Challenge To Banks On Home Loan Slump
The Age
15 July 1996
David McKenzie
Canberra.
The housing industry is still in the doldrums, with the latest figures showing that home lending has slumped to its lowest level in six months.
The figures also revealed that banks are being trounced by other mortgage lenders in the race for the home-loan dollar.
According to the Bureau of Statistics, the number of dwelling loans approved during May fell by 3.1 per cent to 36,867, adjusted for seasonal variations, after a marginal increase in April.
The main factor was a sharp 10.7 per cent drop in the number of loans approved for home building, which were almost 12 per cent down on the level of a year earlier.
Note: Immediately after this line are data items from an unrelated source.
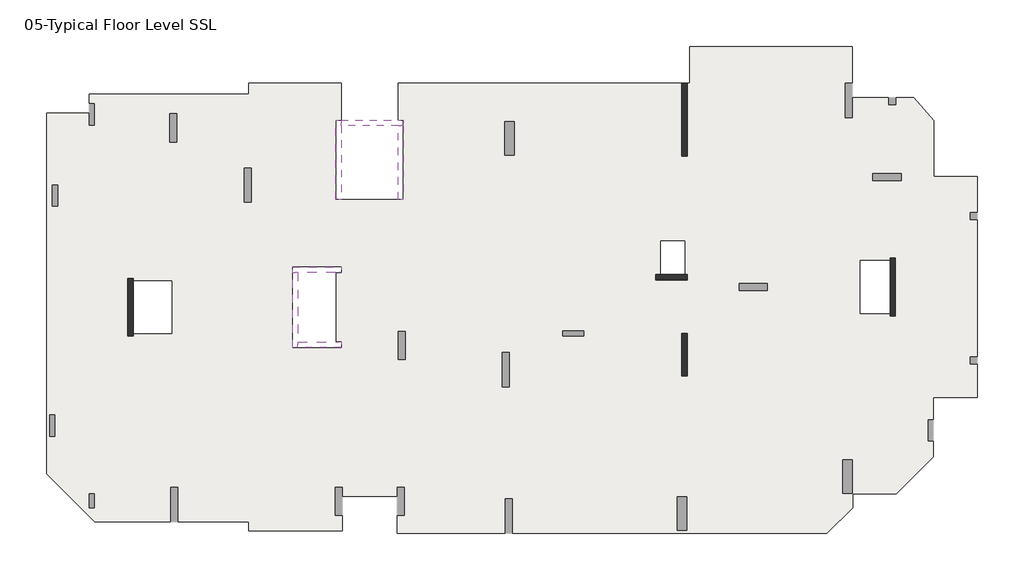
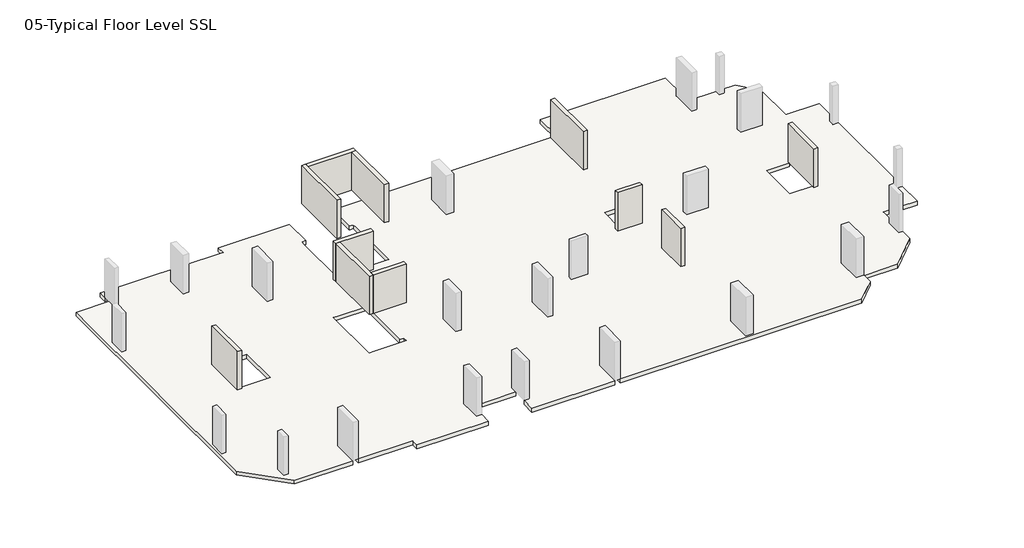
# One storey, part 1 of 2: 11 walls, 1 slab.
"""IFC4 building model written with IfcOpenShell, lengths in millimetres."""

from ifc_helpers import new_model, si_unit, origin, place, context, project, spatial, faceted_brep, element, save

model = new_model("IFC4")

# Units and contexts
model_context = context("Model", 3, world=origin())
ifc_project = project(units=[si_unit("LENGTHUNIT", "METRE", prefix="MILLI")], contexts=[model_context])

# Site, building, storey
site = spatial("IfcSite", under=ifc_project)
building = spatial("IfcBuilding", under=site)
storey = spatial("IfcBuildingStorey", under=building, Name="05-Typical Floor Level SSL", Elevation=9000.0)

# Slab
placement = place(None, origin())
element("IfcSlab", 1, ObjectType="Generic 300mm", at=placement, inside=storey, context=model_context, shape_type="Brep", body=[
    faceted_brep([(36192.0021644, 24072.000519, 8700.0), (36192.0021644, 26172.000519, 8700.0), (45446.0007483, 26172.000519, 8700.0), (45446.0007483, 24087.0, 8700.0), (45046.0007483, 24087.0, 8700.0), (45046.0007483, 22137.0, 8700.0), (45446.0007483, 22137.0, 8700.0), (45446.0007483, 23252.0000315, 8700.0), (47498.6337868, 23252.0000315, 8700.0), (47498.6337868, 22852.0, 8700.0), (47898.6337868, 22852.0, 8700.0), (47898.6337868, 23252.0000315, 8700.0), (48936.764334, 23252.0000315, 8700.0), (50076.0016214, 21956.8283806, 8700.0), (50076.0016214, 18780.0084406, 8700.0), (52549.9999998, 18780.0084406, 8700.0), (52549.9999998, 16712.0, 8700.0), (52149.9999998, 16712.0, 8700.0), (52149.9999998, 16312.0, 8700.0), (52549.9999998, 16312.0, 8700.0), (52549.9999998, 8504.0039609, 8700.0), (52149.9999998, 8504.0039609, 8700.0), (52149.9999998, 8104.0039609, 8700.0), (52549.9999998, 8104.0039609, 8700.0), (52549.9999998, 6204.0084406, 8700.0), (50046.0009271, 6204.0084406, 8700.0), (50046.0009271, 4931.9999929, 8700.0), (49746.0009271, 4931.9999929, 8700.0), (49746.0009271, 3731.9999929, 8700.0), (50046.0009271, 3731.9999929, 8700.0), (50046.0009271, 2810.5958657, 8700.0), (47943.4055804, 708.000519, 8700.0), (45456.0017287, 708.000519, 8700.0), (45456.0017287, -61.7051085, 8700.0), (43990.7023722, -1527.004465, 8700.0), (26113.9999998, -1527.004465, 8700.0), (26113.9999998, 422.995535, 8700.0), (25713.9999998, 422.995535, 8700.0), (25713.9999998, -1527.004465, 8700.0), (19569.9997488, -1527.004465, 8700.0), (19569.9997488, -512.0044652, 8700.0), (19969.9997488, -512.0044652, 8700.0), (19969.9997488, 1087.9955348, 8700.0), (19569.9997488, 1087.9955348, 8700.0), (19569.9997488, 564.000519, 8700.0), (16429.9999981, 564.000519, 8700.0), (16429.9999981, 1088.0, 8700.0), (16029.9999981, 1088.0, 8700.0), (16029.9999981, -512.0, 8700.0), (16429.9999981, -512.0, 8700.0), (16429.9999981, -1391.999481, 8700.0), (11136.0000923, -1391.999481, 8700.0), (11136.0000923, -866.9999847, 8700.0), (7082.0000416, -866.9999847, 8700.0), (7082.0000416, 1083.0000153, 8700.0), (6682.0000416, 1083.0000153, 8700.0), (6682.0000416, -866.9999847, 8700.0), (2364.4419097, -866.9999847, 8700.0), (-372.0, 1869.441925, 8700.0), (-372.0, 22380.0004589, 8700.0), (2052.0, 22380.0004589, 8700.0), (2052.0, 21708.0000656, 8700.0), (2352.0, 21708.0000656, 8700.0), (2352.0, 22908.0000656, 8700.0), (2052.0, 22908.0000656, 8700.0), (2052.0, 23472.000519, 8700.0), (11136.0000923, 23472.000519, 8700.0), (11136.0000923, 24072.000519, 8700.0), (16380.0000168, 24072.000519, 8700.0), (16380.0000168, 21972.0, 8700.0), (16079.9999997, 21972.0, 8700.0), (16079.9999997, 21672.0, 8700.0), (16079.9999997, 17468.0, 8700.0), (16379.9999997, 17468.0, 8700.0), (19619.9999997, 17468.0, 8700.0), (19919.9999997, 17468.0, 8700.0), (19919.9999997, 21672.0, 8700.0), (19919.9999997, 21972.0, 8700.0), (19619.9997365, 21972.0, 8700.0), (19619.9997365, 24072.000519, 8700.0), (35747.9999998, 24072.000519, 8700.0), (35747.9999998, 19932.0, 8700.0), (36047.9999998, 19932.0, 8700.0), (36047.9999998, 24072.000519, 8700.0), (16079.9999907, 9359.999998, 8700.0), (16079.9999907, 13320.0000002, 8700.0), (16380.0000168, 13320.0000002, 8700.0), (16380.0000168, 13620.0000002, 8700.0), (13919.9999907, 13620.0000002, 8700.0), (13619.9999907, 13620.0000002, 8700.0), (13619.9999907, 13320.0000002, 8700.0), (13619.9999907, 9359.999998, 8700.0), (13619.9999907, 9059.999998, 8700.0), (13919.9999907, 9059.999998, 8700.0), (16380.0000168, 9059.999998, 8700.0), (16380.0000168, 9359.999998, 8700.0), (257.9999999, 17088.0, 8700.0), (257.9999999, 18288.0, 8700.0), (-42.0000001, 18288.0, 8700.0), (-42.0000001, 17088.0, 8700.0), (108.001803, 4001.9999858, 8700.0), (108.001803, 5201.9999858, 8700.0), (-191.998197, 5201.9999858, 8700.0), (-191.998197, 4001.9999858, 8700.0), (30175.9999998, 9996.0000019, 8700.0), (28975.9999998, 9996.0000019, 8700.0), (28975.9999998, 9696.0000019, 8700.0), (30175.9999998, 9696.0000019, 8700.0), (7021.9999999, 20740.0000078, 8700.0), (7021.9999999, 22340.0000078, 8700.0), (6621.9999999, 22340.0000078, 8700.0), (6621.9999999, 20740.0000078, 8700.0), (48205.9993605, 18950.0, 8700.0), (46605.9993605, 18950.0, 8700.0), (46605.9993605, 18550.0, 8700.0), (48205.9993605, 18550.0, 8700.0), (20030.000009, 8355.9999979, 8700.0), (20030.000009, 9955.9999979, 8700.0), (19630.000009, 9955.9999979, 8700.0), (19630.000009, 8355.9999979, 8700.0), (11270.0000427, 17312.9999996, 8700.0), (11270.0000427, 19262.9999996, 8700.0), (10870.0000427, 19262.9999996, 8700.0), (10870.0000427, 17312.9999996, 8700.0), (40598.0014887, 12692.0079212, 8700.0), (38998.0014887, 12692.0079212, 8700.0), (38998.0014887, 12292.0079212, 8700.0), (40598.0014887, 12292.0079212, 8700.0), (25934.0000455, 6801.0001824, 8700.0), (25934.0000455, 8751.0001824, 8700.0), (25534.0000455, 8751.0001824, 8700.0), (25534.0000455, 6801.0001824, 8700.0), (36035.9999998, -1351.9992017, 8700.0), (36035.9999998, 548.0007983, 8700.0), (35485.9999998, 548.0007983, 8700.0), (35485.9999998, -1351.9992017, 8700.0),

The Real Estate Institute of Australia said the May result continued a ``disappointing phase" for the housing industry which has seen signs of strong growth early in the year give way to subdued activity in recent months.
The Institute's president, Mr Phillip Bushby, said a firmer renewal of activity was not likely until after the August Budget.
He said the strong shift in market share towards non-bank lenders was an ``exciting development" for home-buyers, with the increased competition for banks likely to persist.
The Housing Industry Association said there was still ``considerable hesitancy" about home-buying, but predicted some improvement in the second half of 1996 in the wake of recent cuts in bank variable mortgage rates. The bureau's figures showed there were also modest declines in lending for purchase of new dwellings (down 0.7 per cent in May) and established houses (down 1.
9 per cent).
The underlying trend in home-loan approvals has been softening since late last year, with signs of a decline setting in from the start of 1996, the bureau's figures show.
The main decline in lending was recorded by banks, which suffered a 6.1 per cent drop in loan approvals, while the new, smaller lending organisations and building societies bumped up their lending activity by just over 14 per cent.
This involved 30,154 bank loans which still accounted for almost 82 per cent of all lending, while the other lenders accounted for 6713.
A year earlier, however, banks controlled almost 87 per cent of the home-loan market.
The surge in fixed-rate loans also moderated during May, but the 7313 loans approved under fixed-rate conditions was still just under 18 per cent of all lending compared with just 7 per cent a year earlier.
Commonwealth Bank economists said the stage was set for a recovery in residential building, with the excess of housing which emerged in 1994 now being wound back.
But Bankers Trust chief economist Dr Chris Caton said the lingering weakness in approvals for new homes gave ``no cause for optimism". ``The recovery is still, apparently, somewhere over the horizon," he said.